La follia è un privilegio o una malattia? Ci rispondono Joker e Pirandello

I folli sono persone malate? Individui affetti da disturbi psichici e manchevoli di qualcosa? No, forse sono solo più liberi di noi e svincolati da qualunque tipo di ‘maschera’.

Maschere (pirandelloweb.com)

Il noto rivale di Batman rappresenta il folle per eccellenza. Nel 2019, il personaggio viene approfonditamente analizzato ed umanizzato nel film ‘Joker’, diretto da Todd Phillips. Joker, come l’Enrico IV di Pirandello, sceglierà di non mettere a freno la propria follia ma anzi di assecondarla ed esaltarla, potendo così assaporare la vera felicità.

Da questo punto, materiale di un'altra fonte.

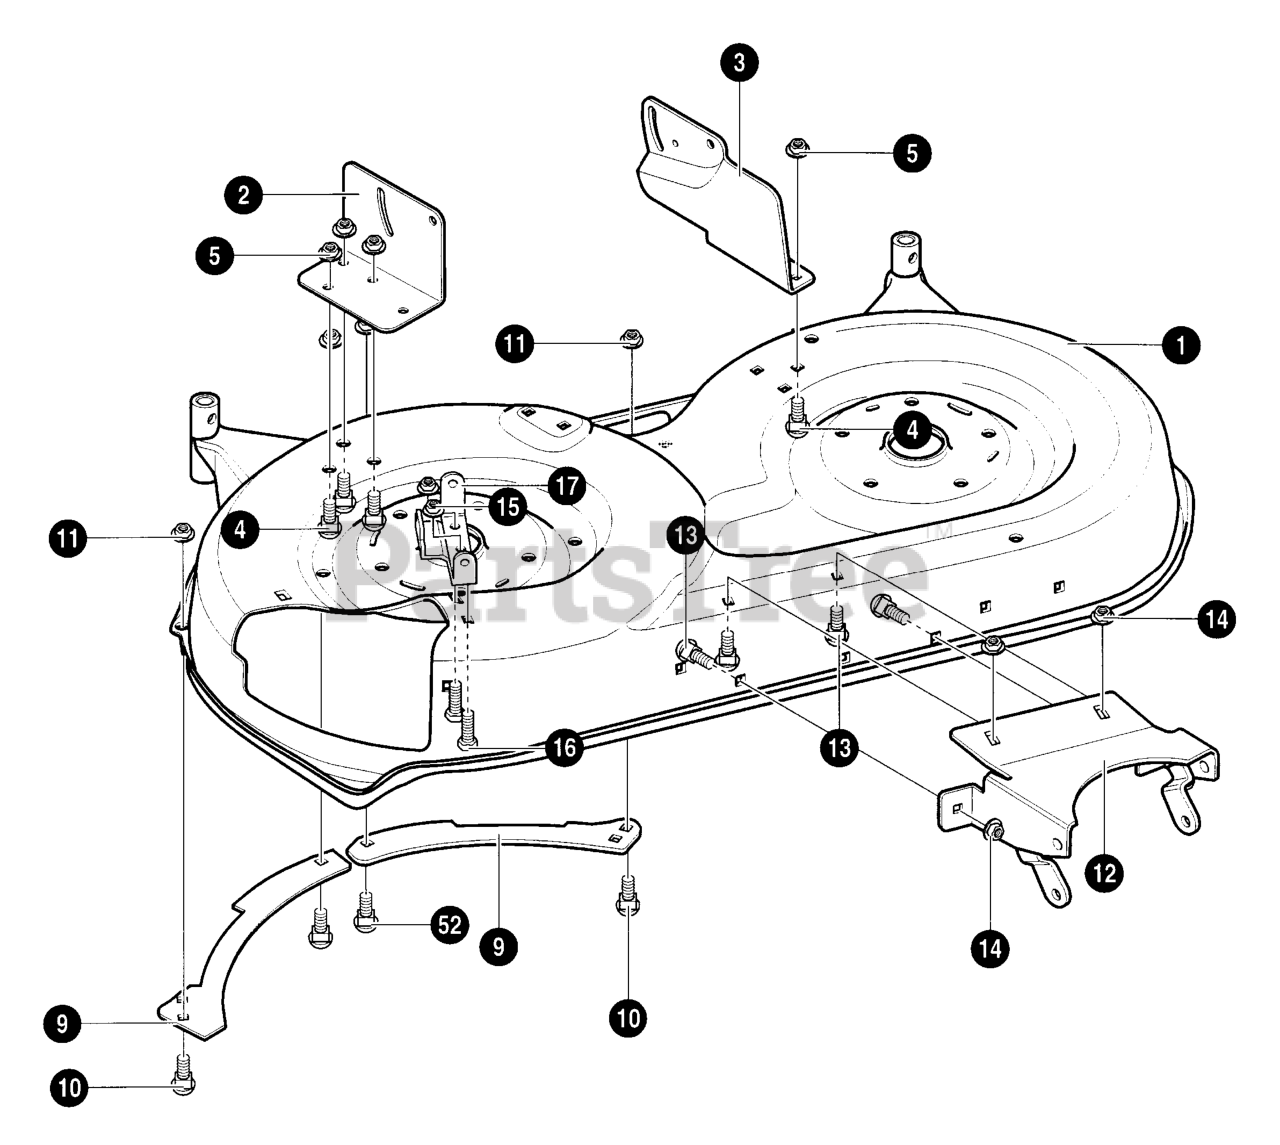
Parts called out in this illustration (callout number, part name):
1	ASSY BLD HSING 42"
2	BRACKET, DECK RH
3	BRACKET, DECK LH
4	BOLT, 5/16- 18X.63
5	NUT, 5/16- 18
9	TOEGUARD, FLANGE
10	BOLT, 5/16- 18X.63
11	NUT, 5/16- 18
12	ASSY FRONT BRACKET ROLLER
13	BOLT, 5/16- 18X.63
14	NUT, 5/16- 18
15	BRACKET, CHUTE
16	BOLT, 5/16- 18X.63
17	NUT, 5/16- 18

La follia di Joker: dall’emarginazione sociale alla felicità

Si è sempre detto poco sul cattivo di Gotham City. Prima dell’uscita del film di Todd Phillips, Joker era sempre stato descritto come un killer spietato che uccideva per puro divertimento. Nessuno prima di allora aveva analizzato la sua complessa psicologia né, tantomeno, era riuscito a spingere il pubblico ad empatizzare con questo brutale personaggio. Affiancato dalle capacità attoriali di Joaquin Phoenix, il regista riesce a mettere in scena un Joker totalmente nuovo, un Joker profondamente umano e fortemente tormentato.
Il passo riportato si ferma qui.